___ DATASET RECORDS

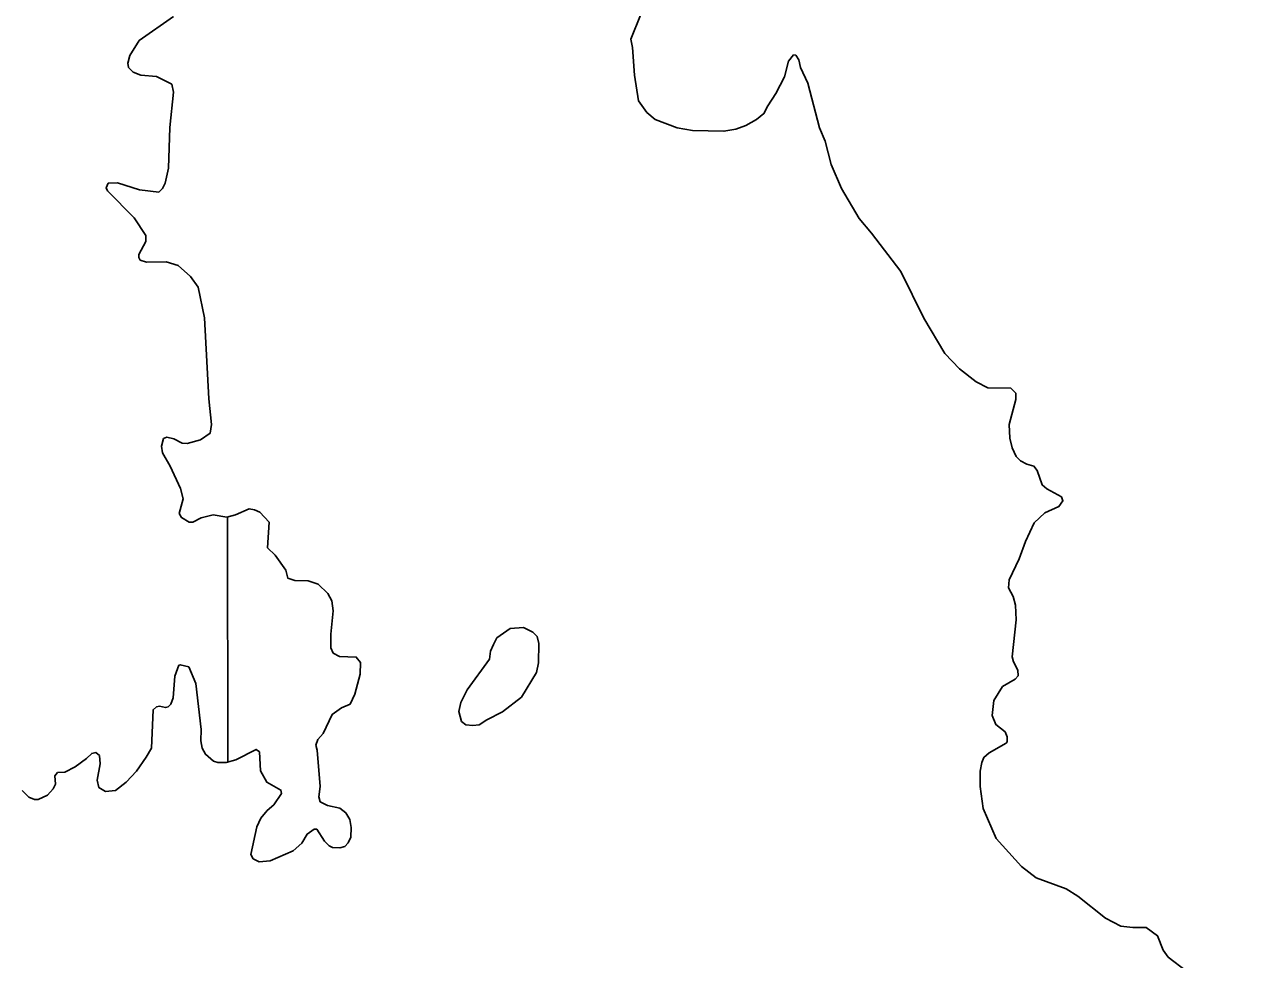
# Model space of a CAD drawing. Extents: x -19 to 366, y -4 to 359.
# Drawn here: x 138.218 to 139.286, y 201.135 to 201.956 of the extents above; entities that cross this region are included whole.
import ezdxf

# ---------------------------------------------------------------- set-up
doc = ezdxf.new("R2010")
doc.units = 0
for name, color, linetype in [('Level 5', 7, 'Continuous'), ('Level 60', 7, 'Continuous'), ('Level 9', 7, 'Continuous')]:
    doc.layers.add(name, color=color, linetype=linetype)

msp = doc.modelspace()

# ---------------------------------------------------------------- linework, layer by layer
at = {"layer": 'Level 5'}
msp.add_lwpolyline([(138.3959, 201.5233), (138.3964, 201.3079)], dxfattribs=at)
at = {"layer": 'Level 60'}
for points in [[(146.7783, 1.697), (146.5788, 10.3131), (146.3785, 18.9294), (146.1776, 27.5458), (145.9759, 36.1624), (145.7736, 44.7791), (145.5705, 53.396), (145.3668, 62.013), (145.1624, 70.6301), (144.9572, 79.2474), (144.7514, 87.8648), (144.5449, 96.4823), (144.3377, 105.1), (144.1299, 113.7179), (143.9213, 122.3359), (143.712, 130.954), (143.5021, 139.5723), (143.2915, 148.1907), (143.0802, 156.8092), (142.8682, 165.4279), (142.6555, 174.0468), (142.4422, 182.6658), (142.2282, 191.2849), (142.0135, 199.9042), (141.7981, 208.5236), (141.582, 217.1432), (141.3653, 225.7629), (141.1479, 234.3828), (140.9298, 243.0028), (140.711, 251.623), (140.4916, 260.2433), (140.2715, 268.8638), (140.0508, 277.4844), (139.8293, 286.1051), (139.6072, 294.726), (139.3845, 303.3471), (139.161, 311.9683), (138.937, 320.5896), (138.7122, 329.2111), (138.4868, 337.8328), (138.2607, 346.4546)], [(139.4406, 1.5315), (139.2511, 10.1473), (139.0608, 18.7633), (138.8699, 27.3793), (138.6784, 35.9956), (138.4861, 44.6119), (138.2932, 53.2285), (138.0997, 61.8451), (137.9055, 70.4619), (137.7106, 79.0789), (137.5151, 87.6959), (137.319, 96.3132), (137.1221, 104.9306), (136.9247, 113.5481), (136.7265, 122.1658), (136.5278, 130.7836), (136.3283, 139.4016), (136.1282, 148.0197), (135.9275, 156.6379), (135.7261, 165.2564), (135.5241, 173.8749), (135.3214, 182.4936), (135.1181, 191.1125), (134.9141, 199.7315), (134.7095, 208.3506), (134.5043, 216.9699), (134.2984, 225.5894), (134.0919, 234.209), (133.8847, 242.8288), (133.6769, 251.4487), (133.4685, 260.0687), (133.2594, 268.6889), (133.0497, 277.3093), (132.8393, 285.9298), (132.6283, 294.5504), (132.4167, 303.1713), (132.2044, 311.7922), (131.9916, 320.4133), (131.778, 329.0346), (131.5639, 337.656), (131.3491, 346.2776)], [(0, 198.1326), (7.1014, 198.137), (14.2028, 198.1503), (21.3042, 198.1724), (28.4055, 198.2034), (35.5068, 198.2433), (42.6081, 198.292), (49.7092, 198.3496), (56.8103, 198.4161), (63.9113, 198.4913), (71.0123, 198.5755), (78.1131, 198.6685), (85.2137, 198.7704), (92.3143, 198.8811), (99.4147, 199.0007), (106.5149, 199.1291), (113.615, 199.2664), (120.7149, 199.4126), (127.8146, 199.5676), (134.9141, 199.7315), (142.0135, 199.9042), (149.1125, 200.0858), (156.2114, 200.2762), (163.31, 200.4755), (170.4084, 200.6837), (177.5065, 200.9007), (184.6043, 201.1265), (191.7018, 201.3612), (198.799, 201.6048), (205.896, 201.8572), (212.9926, 202.1185), (220.0888, 202.3886), (227.1848, 202.6676), (234.2803, 202.9554), (241.3755, 203.2521), (248.4704, 203.5576), (255.5648, 203.872), (262.6589, 204.1952), (269.7525, 204.5273), (276.8457, 204.8682), (283.9385, 205.218), (291.0309, 205.5766), (298.1228, 205.9441), (305.2142, 206.3204), (312.3051, 206.7056), (319.3956, 207.0996), (326.4856, 207.5024), (333.5751, 207.9141), (340.664, 208.3347)]]:
    msp.add_spline(points, degree=3, dxfattribs=at)
at = {"layer": 'Level 9'}
for points in [[(138.7588, 201.9643), (138.7505, 201.9431), (138.752, 201.9358), (138.7535, 201.9116), (138.757, 201.8888), (138.7645, 201.8786), (138.7717, 201.8725), (138.791, 201.8653), (138.8046, 201.863), (138.8322, 201.8623), (138.8428, 201.8642), (138.8515, 201.8672), (138.8609, 201.8725), (138.8674, 201.8778), (138.8708, 201.8847), (138.8779, 201.8953)], [(138.3456, 201.5681), (138.3388, 201.5799), (138.338, 201.5856), (138.3399, 201.5924), (138.3426, 201.5936), (138.349, 201.592), (138.3562, 201.5883), (138.3607, 201.5879), (138.3724, 201.5913), (138.3807, 201.597), (138.3819, 201.6046), (138.3796, 201.6273), (138.3757, 201.6983), (138.3704, 201.7252), (138.3636, 201.7347), (138.3526, 201.7442), (138.342, 201.7476), (138.325, 201.7472), (138.3194, 201.7491), (138.3182, 201.7514), (138.3182, 201.754), (138.3243, 201.7654), (138.3243, 201.7707), (138.314, 201.7862), (138.2906, 201.8098), (138.2894, 201.8124), (138.2913, 201.8166), (138.2993, 201.817), (138.3186, 201.8109), (138.3356, 201.8086), (138.339, 201.8121), (138.3412, 201.8166), (138.3442, 201.8299), (138.3453, 201.8655), (138.3487, 201.8966), (138.3472, 201.9035), (138.3336, 201.9103), (138.32, 201.9114), (138.3132, 201.9141), (138.309, 201.9183), (138.3086, 201.922), (138.3101, 201.9289), (138.3184, 201.9418), (138.3487, 201.963)], [(138.8779, 201.8953), (138.8855, 201.9101), (138.8889, 201.9238), (138.8934, 201.9294), (138.8953, 201.9291), (138.8979, 201.9249), (138.8995, 201.9181), (138.9059, 201.9044), (138.9161, 201.8653), (138.9211, 201.8536), (138.9264, 201.8331), (138.9355, 201.8119), (138.951, 201.7857), (138.962, 201.7728), (138.9877, 201.7391), (139.0078, 201.6981), (139.0263, 201.667), (139.0392, 201.6537), (139.0539, 201.6423), (139.0641, 201.637), (139.0842, 201.6367), (139.0887, 201.6321), (139.0887, 201.6268), (139.0827, 201.6048), (139.0835, 201.5927), (139.0854, 201.5843), (139.0891, 201.5767), (139.0929, 201.5729), (139.0982, 201.5699), (139.1046, 201.568), (139.1073, 201.5642), (139.1118, 201.5517), (139.116, 201.5483), (139.1289, 201.5411), (139.13, 201.5377), (139.1266, 201.5327), (139.1141, 201.527), (139.1047, 201.5183), (139.0971, 201.502), (139.0915, 201.4868), (139.0828, 201.4682), (139.0821, 201.4614), (139.0862, 201.4538), (139.0885, 201.4459), (139.0889, 201.4333), (139.0855, 201.4007), (139.0867, 201.3962), (139.0904, 201.389), (139.0908, 201.384), (139.0882, 201.381), (139.0769, 201.3745), (139.0693, 201.3624), (139.0678, 201.3491), (139.0712, 201.3412), (139.0792, 201.3347), (139.081, 201.3305), (139.0811, 201.326), (139.0803, 201.3249), (139.0652, 201.3165), (139.0607, 201.3123), (139.0588, 201.3078), (139.0573, 201.3002), (139.0573, 201.2869), (139.0599, 201.2676)], [(138.4241, 201.3171), (138.4249, 201.3007), (138.4305, 201.2905), (138.443, 201.2837), (138.4434, 201.2806), (138.4366, 201.2708), (138.4309, 201.2658), (138.4253, 201.259), (138.4219, 201.2514), (138.4166, 201.2271), (138.4185, 201.2234), (138.4238, 201.2207), (138.4336, 201.2215), (138.4536, 201.2302), (138.4612, 201.237), (138.4661, 201.245), (138.4722, 201.2492), (138.4744, 201.2492), (138.4812, 201.2389), (138.4854, 201.2348), (138.4884, 201.2332), (138.4948, 201.2329), (138.499, 201.234), (138.502, 201.2374), (138.5043, 201.2423), (138.5047, 201.2507), (138.5035, 201.2579), (138.5001, 201.2636), (138.4948, 201.2678), (138.4839, 201.27), (138.4774, 201.2734), (138.4763, 201.2776), (138.4774, 201.2867), (138.4747, 201.3186), (138.4736, 201.3231), (138.4755, 201.3281), (138.48, 201.3334), (138.4879, 201.3501), (138.4962, 201.3558), (138.5038, 201.3592), (138.508, 201.3679), (138.5125, 201.3854), (138.5128, 201.3956), (138.5091, 201.4005), (138.4943, 201.4009), (138.489, 201.4039), (138.4867, 201.4085), (138.4867, 201.4206), (138.489, 201.4411), (138.4878, 201.4498), (138.4841, 201.4563), (138.4757, 201.4646), (138.467, 201.4673), (138.4553, 201.4677), (138.4489, 201.4699), (138.4474, 201.4768), (138.4379, 201.49), (138.4311, 201.4965), (138.4326, 201.5189), (138.4243, 201.5276), (138.4197, 201.5299), (138.4152, 201.5306), (138.4031, 201.5253), (138.3955, 201.5234), (138.3834, 201.5253), (138.3729, 201.5226), (138.3657, 201.5188), (138.3623, 201.5188), (138.3555, 201.523), (138.3536, 201.5264), (138.357, 201.5393), (138.3547, 201.5484), (138.3456, 201.5681)], [(138.6296, 201.4116), (138.6327, 201.4173), (138.6444, 201.4256), (138.6561, 201.4264), (138.6644, 201.4222), (138.6682, 201.4184), (138.6697, 201.4123), (138.6693, 201.3953), (138.6675, 201.3869), (138.6542, 201.3653), (138.6376, 201.3524), (138.624, 201.3452), (138.6172, 201.341), (138.6116, 201.3403), (138.6055, 201.341), (138.6017, 201.344), (138.5994, 201.3528), (138.601, 201.3607), (138.6066, 201.3717)], [(138.6066, 201.3717), (138.6262, 201.3985), (138.6272, 201.4057), (138.6296, 201.4116)], [(138.2155, 201.2832), (138.2215, 201.2775), (138.2264, 201.2753), (138.2298, 201.2753), (138.2378, 201.2791), (138.243, 201.2847), (138.2449, 201.2889), (138.2442, 201.2961), (138.2468, 201.2992), (138.2532, 201.2995), (138.2623, 201.3041), (138.2721, 201.3113), (138.2767, 201.3159), (138.2804, 201.3166), (138.2835, 201.314), (138.2842, 201.3068), (138.2816, 201.2923), (138.2831, 201.2859), (138.2888, 201.2825), (138.2975, 201.2832), (138.3069, 201.2905), (138.316, 201.3003), (138.3247, 201.3125), (138.3292, 201.3204), (138.3307, 201.3542), (138.3337, 201.3569), (138.3363, 201.3572), (138.3416, 201.3561), (138.3439, 201.3569), (138.3462, 201.3591), (138.3484, 201.3648), (138.3499, 201.3838), (138.3533, 201.3933), (138.3545, 201.3937), (138.362, 201.3918), (138.3681, 201.3773), (138.373, 201.3368), (138.3727, 201.3269), (138.3738, 201.3204), (138.3768, 201.3151), (138.3836, 201.3091), (138.3874, 201.3079), (138.395, 201.3079), (138.4033, 201.3102), (138.4211, 201.3193), (138.4241, 201.3171)], [(139.0599, 201.2676), (139.0713, 201.241), (139.0936, 201.2164), (139.1065, 201.2065), (139.133, 201.197), (139.1432, 201.1906), (139.1674, 201.1713), (139.181, 201.1641), (139.1916, 201.1629), (139.2033, 201.1629), (139.2131, 201.1557), (139.2181, 201.1432), (139.2226, 201.1368), (139.2385, 201.1246)]]:
    msp.add_lwpolyline(points, dxfattribs=at)

doc.saveas('drawing.dxf')

______

= DESCRIPTION OF THE TASK =
How many of the lines above contain the word "dxfattribs"? Give the number alone.

= OUTPUT OF THE TASK =
3